DATA TO EXAMINE below:
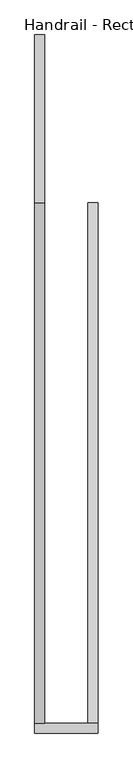
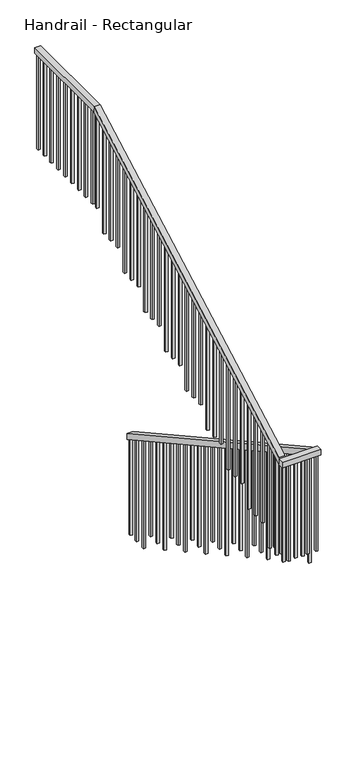
"""IFC4 building model written with IfcOpenShell, lengths in millimetres: railing geometry, Handrail - Rectangular."""

import ifcopenshell
import ifcopenshell.guid

model = None  # the IFC model being written
_history = None  # IfcOwnerHistory: only IFC2X3 demands one
_inside = {}  # id of a spatial element -> (the spatial element, [elements in it])
_under = {}  # id of a project, library or spatial element -> (it, [spatial elements below it])
_declared = {}  # id of a project -> (the project, [libraries it declares])
_typed = {}  # id of a type object -> (the type object, [elements of that type])
_made_of = {}  # id of a material, layer set ... -> (it, [elements and type objects made of it])


def new_model(schema):
    """Start an empty IFC model of exactly this schema.

    Asked for "IFC4X3", IfcOpenShell would pick the latest addendum, in which some entities
    have other attributes; the version numbers below select the first issue.
    IFC2X3 requires an IfcOwnerHistory on every rooted entity: one is made here for all.
    """
    global model, _history
    if schema == "IFC4X3":
        model = ifcopenshell.file(schema_version=(4, 3, 0, 0))
    else:
        model = ifcopenshell.file(schema=schema)
    _inside.clear()
    _under.clear()
    _declared.clear()
    _typed.clear()
    _made_of.clear()
    _history = None
    if model.schema == "IFC2X3":
        org = make("IfcOrganization", Name="unknown")
        user = make(
            "IfcPersonAndOrganization",
            ThePerson=make("IfcPerson", FamilyName="unknown"),
            TheOrganization=org,
        )
        app = make(
            "IfcApplication",
            ApplicationDeveloper=org,
            Version="unknown",
            ApplicationFullName="unknown",
            ApplicationIdentifier="unknown",
        )
        _history = make(
            "IfcOwnerHistory",
            OwningUser=user,
            OwningApplication=app,
            ChangeAction="ADDED",
            CreationDate=0,
        )
    return model


def make(cls, **values):
    """One entity of the class cls with the attributes given. An attribute that is None is left unset."""
    return model.create_entity(
        cls, **{name: value for name, value in values.items() if value is not None}
    )


def rooted(cls, **values):
    """An entity with a GlobalId (a new one), such as an element, a storey or a relation."""
    return make(cls, GlobalId=ifcopenshell.guid.new(), OwnerHistory=_history, **values)


def si_unit(unit_type, name, prefix=None):
    """IfcSIUnit, for example si_unit("LENGTHUNIT", "METRE", prefix="MILLI")."""
    return make("IfcSIUnit", UnitType=unit_type, Prefix=prefix, Name=name)


def assignment(units):
    """IfcUnitAssignment: the units of a project."""
    return None if units is None else make("IfcUnitAssignment", Units=units)


def point(xyz):
    """IfcCartesianPoint."""
    return None if xyz is None else make("IfcCartesianPoint", Coordinates=xyz)


def direction(xyz):
    """IfcDirection."""
    return None if xyz is None else make("IfcDirection", DirectionRatios=xyz)


def frame(location, z_axis=None, x_axis=None):
    """IfcAxis2Placement3D, a coordinate frame: its origin and axes. An axis left out is left unset."""
    return make(
        "IfcAxis2Placement3D",
        Location=point(location),
        Axis=direction(z_axis),
        RefDirection=direction(x_axis),
    )


def origin():
    """The frame at (0, 0, 0) with its axes left unset."""
    return frame((0.0, 0.0, 0.0))


def place(relative_to, where):
    """IfcLocalPlacement: puts the frame where relative to a parent placement (None: the world)."""
    return make(
        "IfcLocalPlacement", PlacementRelTo=relative_to, RelativePlacement=where
    )


def context(
    kind, dimensions, precision=None, world=None, true_north=None, identifier=None
):
    """IfcGeometricRepresentationContext, for example the 3D "Model" context."""
    return make(
        "IfcGeometricRepresentationContext",
        ContextIdentifier=identifier,
        ContextType=kind,
        CoordinateSpaceDimension=dimensions,
        Precision=precision,
        WorldCoordinateSystem=world,
        TrueNorth=true_north,
    )


def project(units=None, contexts=None):
    """IfcProject with its units and contexts."""
    return rooted(
        "IfcProject",
        Name="project",
        RepresentationContexts=contexts,
        UnitsInContext=assignment(units),
    )


def spatial(cls, under=None, at=None, **own):
    """A site, building, storey or space (cls), placed at a placement, below another one or the project."""
    s = rooted(cls, ObjectPlacement=at, **own)
    if under is not None:
        _under.setdefault(under.id(), (under, []))[1].append(s)
    return s


def polyline(points):
    """IfcPolyline through the points."""
    return make("IfcPolyline", Points=[point(p) for p in points])


def outline(outer, holes=None, kind="AREA"):
    """IfcArbitraryClosedProfileDef: a profile drawn as a closed curve; with holes, ...WithVoids."""
    if holes is None:
        return make("IfcArbitraryClosedProfileDef", ProfileType=kind, OuterCurve=outer)
    return make(
        "IfcArbitraryProfileDefWithVoids",
        ProfileType=kind,
        OuterCurve=outer,
        InnerCurves=holes,
    )


def extrude(swept, where, along, depth):
    """IfcExtrudedAreaSolid: the profile swept, set in the frame where, extruded along a direction by depth."""
    return make(
        "IfcExtrudedAreaSolid",
        SweptArea=swept,
        Position=where,
        ExtrudedDirection=direction(along),
        Depth=depth,
    )


def faces_of(points, faces, orient=None, outer=None):
    """IfcFace entities. A face is a list of loops; a loop is a list of indices into points, from 0.

    orient and outer hold one flag for each loop. By default every Orientation is true, the
    first loop of a face is its IfcFaceOuterBound and the others are IfcFaceBound.
    """
    made = []
    for i, loops in enumerate(faces):
        bounds = []
        for j, loop in enumerate(loops):
            is_outer = j == 0 if outer is None else outer[i][j]
            bounds.append(
                make(
                    "IfcFaceOuterBound" if is_outer else "IfcFaceBound",
                    Bound=make("IfcPolyLoop", Polygon=[points[k] for k in loop]),
                    Orientation=True if orient is None else orient[i][j],
                )
            )
        made.append(make("IfcFace", Bounds=bounds))
    return made


def faceted_brep(points, faces, orient=None, outer=None, voids=None):
    """IfcFacetedBrep: a solid bounded by flat faces; with voids (closed shells), ...WithVoids."""
    shared = [point(p) for p in points]
    hull = make("IfcClosedShell", CfsFaces=faces_of(shared, faces, orient, outer))
    if voids is None:
        return make("IfcFacetedBrep", Outer=hull)
    return make(
        "IfcFacetedBrepWithVoids",
        Outer=hull,
        Voids=[
            make(cls, CfsFaces=faces_of(shared, fs, o, b)) for cls, fs, o, b in voids
        ],
    )


def shape(context_of_items, identifier, shape_type, items):
    """IfcShapeRepresentation: the items that make up one representation, for example the "Body"."""
    return make(
        "IfcShapeRepresentation",
        ContextOfItems=context_of_items,
        RepresentationIdentifier=identifier,
        RepresentationType=shape_type,
        Items=items,
    )


def source(mapping_origin, context_of_items, identifier, shape_type, items):
    """IfcRepresentationMap: a shape defined once, which mapped items show again and again."""
    return make(
        "IfcRepresentationMap",
        MappingOrigin=mapping_origin,
        MappedRepresentation=shape(context_of_items, identifier, shape_type, items),
    )


def transform(
    local_origin,
    x_axis=None,
    y_axis=None,
    z_axis=None,
    scale=None,
    scale2=None,
    scale3=None,
    uniform=True,
):
    """IfcCartesianTransformationOperator3D, or its non-uniform kind. x_axis, y_axis, z_axis: its Axis1, 2, 3."""
    if uniform:
        return make(
            "IfcCartesianTransformationOperator3D",
            Axis1=direction(x_axis),
            Axis2=direction(y_axis),
            LocalOrigin=point(local_origin),
            Scale=scale,
            Axis3=direction(z_axis),
        )
    return make(
        "IfcCartesianTransformationOperator3DnonUniform",
        Axis1=direction(x_axis),
        Axis2=direction(y_axis),
        LocalOrigin=point(local_origin),
        Scale=scale,
        Axis3=direction(z_axis),
        Scale2=scale2,
        Scale3=scale3,
    )


def mapped(mapping_source, mapping_target):
    """IfcMappedItem: shows the shape of a source again, moved by a transform."""
    return make(
        "IfcMappedItem", MappingSource=mapping_source, MappingTarget=mapping_target
    )


def made_of(thing, what):
    """Note that an element or type object is made of a material, layer set ...; save() writes the relation."""
    if what is not None:
        _made_of.setdefault(what.id(), (what, []))[1].append(thing)
    return thing


def element(
    cls,
    number,
    at=None,
    inside=None,
    cuts=None,
    type_object=None,
    material=None,
    context=None,
    identifier="Body",
    shape_type=None,
    held_by="IfcProductDefinitionShape",
    body=None,
    shapes=None,
    **own,
):
    """One element of the class cls, such as IfcWall. Its Tag is "e" and its number.

    at: its placement. inside: the storey or other place that contains it. cuts: it is an
    opening in that element (IfcRelVoidsElement). A single representation is given by context,
    identifier, shape_type and body (its items); several are given by shapes. held_by: the class
    of the entity that holds the representations. save() writes the other relations.
    """
    e = rooted(cls, Tag="e%d" % number, ObjectPlacement=at, **own)
    if body is not None:
        shapes = [shape(context, identifier, shape_type, body)]
    if shapes is not None:
        e.Representation = make(held_by, Representations=shapes)
    if inside is not None:
        _inside.setdefault(inside.id(), (inside, []))[1].append(e)
    if cuts is not None:
        rooted(
            "IfcRelVoidsElement", RelatingBuildingElement=cuts, RelatedOpeningElement=e
        )
    if type_object is not None:
        _typed.setdefault(type_object.id(), (type_object, []))[1].append(e)
    return made_of(e, material)


def aggregate(whole, parts):
    """IfcRelAggregates: a whole, such as a stair, and the parts it consists of."""
    return rooted("IfcRelAggregates", RelatingObject=whole, RelatedObjects=parts)


def save(model, path):
    """Write the relations noted so far, then the file.

    IfcRelAggregates (storeys below a building ...), IfcRelContainedInSpatialStructure (elements
    in a storey), IfcRelDefinesByType, IfcRelAssociatesMaterial and IfcRelDeclares: one each for
    every whole, place, type object, material and project.
    """
    for whole, parts in _under.values():
        aggregate(whole, parts)
    for where, things in _inside.values():
        rooted(
            "IfcRelContainedInSpatialStructure",
            RelatedElements=things,
            RelatingStructure=where,
        )
    for kind, things in _typed.values():
        rooted("IfcRelDefinesByType", RelatedObjects=things, RelatingType=kind)
    for what, things in _made_of.values():
        rooted("IfcRelAssociatesMaterial", RelatedObjects=things, RelatingMaterial=what)
    for by, libraries in _declared.values():
        rooted("IfcRelDeclares", RelatingContext=by, RelatedDefinitions=libraries)
    model.write(path)


def handrail_rectangular_766db315(model_context):
    return source(origin(), model_context, "Body", "SolidModel", [
        faceted_brep([(-74723.577375, 13792.2, 13481.05), (-74723.577375, 13792.2, 13430.25), (-74774.377375, 13792.2, 13430.25), (-74774.377375, 13792.2, 13481.05), (-74723.577375, 12915.9, 13481.05), (-74723.577375, 12929.0029811, 13430.25), (-74774.377375, 12929.0029811, 13430.25), (-74774.377375, 12915.9, 13481.05), (-74723.577375, 10198.1, 11979.1078947), (-74774.377375, 10198.1, 11979.1078947), (-74774.377375, 10198.1, 11921.0667736), (-74723.577375, 10198.1, 11921.0667736)], [[[0, 1, 2, 3]], [[1, 0, 4, 5]], [[2, 1, 5, 6]], [[3, 2, 6, 7]], [[0, 3, 7, 4]], [[8, 9, 10, 11]], [[5, 4, 8, 11]], [[6, 5, 11, 10]], [[7, 6, 10, 9]], [[4, 7, 9, 8]]]),
        faceted_brep([(-74774.377375, 10198.1, 11965.0710526), (-74774.377375, 10198.1, 11914.2710526), (-74774.377375, 10147.3, 11914.2710526), (-74774.377375, 10147.3, 11965.0710526), (-74444.177375, 10198.1, 11965.0710526), (-74444.177375, 10147.3, 11965.0710526), (-74444.177375, 10147.3, 11914.2710526), (-74444.177375, 10198.1, 11914.2710526)], [[[0, 1, 2, 3]], [[4, 5, 6, 7]], [[1, 0, 4, 7]], [[2, 1, 7, 6]], [[3, 2, 6, 5]], [[0, 3, 5, 4]]]),
        faceted_brep([(-74494.977375, 10198.1, 11951.0342105), (-74494.977375, 10198.1, 11892.9930894), (-74444.177375, 10198.1, 11892.9930894), (-74444.177375, 10198.1, 11951.0342105), (-74494.977375, 12915.9, 10449.0921053), (-74444.177375, 12915.9, 10449.0921053), (-74444.177375, 12915.9, 10391.0509841), (-74494.977375, 12915.9, 10391.0509841)], [[[0, 1, 2, 3]], [[4, 5, 6, 7]], [[1, 0, 4, 7]], [[2, 1, 7, 6]], [[3, 2, 6, 5]], [[0, 3, 5, 4]]]),
        extrude(outline(polyline([(12823.825, 10441.9345367), (12823.825, 9534.6921053), (12804.775, 9534.6921053), (12804.775, 10452.4621683), (12823.825, 10441.9345367)])), frame((-74479.102375, 0.0, 0.0), z_axis=(1.0, 0.0, 0.0), x_axis=(0.0, 1.0, 0.0)), (0.0, 0.0, 1.0), 19.05),
        extrude(outline(polyline([(12722.225, 10498.0819052), (12722.225, 9534.6921053), (12703.175, 9534.6921053), (12703.175, 10508.6095367), (12722.225, 10498.0819052)])), frame((-74479.102375, 0.0, 0.0), z_axis=(1.0, 0.0, 0.0), x_axis=(0.0, 1.0, 0.0)), (0.0, 0.0, 1.0), 19.05),
        extrude(outline(polyline([(12620.625, 10554.2292736), (12620.625, 9703.1342105), (12601.575, 9703.1342105), (12601.575, 10564.7569052), (12620.625, 10554.2292736)])), frame((-74479.102375, 0.0, 0.0), z_axis=(1.0, 0.0, 0.0), x_axis=(0.0, 1.0, 0.0)), (0.0, 0.0, 1.0), 19.05),
        extrude(outline(polyline([(12519.025, 10610.376642), (12519.025, 9703.1342105), (12499.975, 9703.1342105), (12499.975, 10620.9042736), (12519.025, 10610.376642)])), frame((-74479.102375, 0.0, 0.0), z_axis=(1.0, 0.0, 0.0), x_axis=(0.0, 1.0, 0.0)), (0.0, 0.0, 1.0), 19.05),
        extrude(outline(polyline([(12417.425, 10666.5240104), (12417.425, 9703.1342105), (12398.375, 9703.1342105), (12398.375, 10677.051642), (12417.425, 10666.5240104)])), frame((-74479.102375, 0.0, 0.0), z_axis=(1.0, 0.0, 0.0), x_axis=(0.0, 1.0, 0.0)), (0.0, 0.0, 1.0), 19.05),
        extrude(outline(polyline([(12315.825, 10722.6713788), (12315.825, 9871.5763158), (12296.775, 9871.5763158), (12296.775, 10733.1990104), (12315.825, 10722.6713788)])), frame((-74479.102375, 0.0, 0.0), z_axis=(1.0, 0.0, 0.0), x_axis=(0.0, 1.0, 0.0)), (0.0, 0.0, 1.0), 19.05),
        extrude(outline(polyline([(12214.225, 10778.8187473), (12214.225, 9871.5763158), (12195.175, 9871.5763158), (12195.175, 10789.3463788), (12214.225, 10778.8187473)])), frame((-74479.102375, 0.0, 0.0), z_axis=(1.0, 0.0, 0.0), x_axis=(0.0, 1.0, 0.0)), (0.0, 0.0, 1.0), 19.05),
        extrude(outline(polyline([(12112.625, 10834.9661157), (12112.625, 9871.5763158), (12093.575, 9871.5763158), (12093.575, 10845.4937473), (12112.625, 10834.9661157)])), frame((-74479.102375, 0.0, 0.0), z_axis=(1.0, 0.0, 0.0), x_axis=(0.0, 1.0, 0.0)), (0.0, 0.0, 1.0), 19.05),
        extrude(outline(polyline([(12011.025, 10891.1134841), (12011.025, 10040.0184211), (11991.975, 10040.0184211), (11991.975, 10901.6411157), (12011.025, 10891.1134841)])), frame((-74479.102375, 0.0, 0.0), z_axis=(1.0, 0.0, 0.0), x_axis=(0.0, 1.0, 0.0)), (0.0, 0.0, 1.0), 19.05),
End of DATA TO EXAMINE.
**BRIEF:**
Take the material above from its first line through the line that has "made of it])" and copy it exactly, without any pictures.

**WRITTEN ANSWER:**
"""IFC4 building model written with IfcOpenShell, lengths in millimetres: railing geometry, Handrail - Rectangular."""

import ifcopenshell
import ifcopenshell.guid

model = None  # the IFC model being written
_history = None  # IfcOwnerHistory: only IFC2X3 demands one
_inside = {}  # id of a spatial element -> (the spatial element, [elements in it])
_under = {}  # id of a project, library or spatial element -> (it, [spatial elements below it])
_declared = {}  # id of a project -> (the project, [libraries it declares])
_typed = {}  # id of a type object -> (the type object, [elements of that type])
_made_of = {}  # id of a material, layer set ... -> (it, [elements and type objects made of it])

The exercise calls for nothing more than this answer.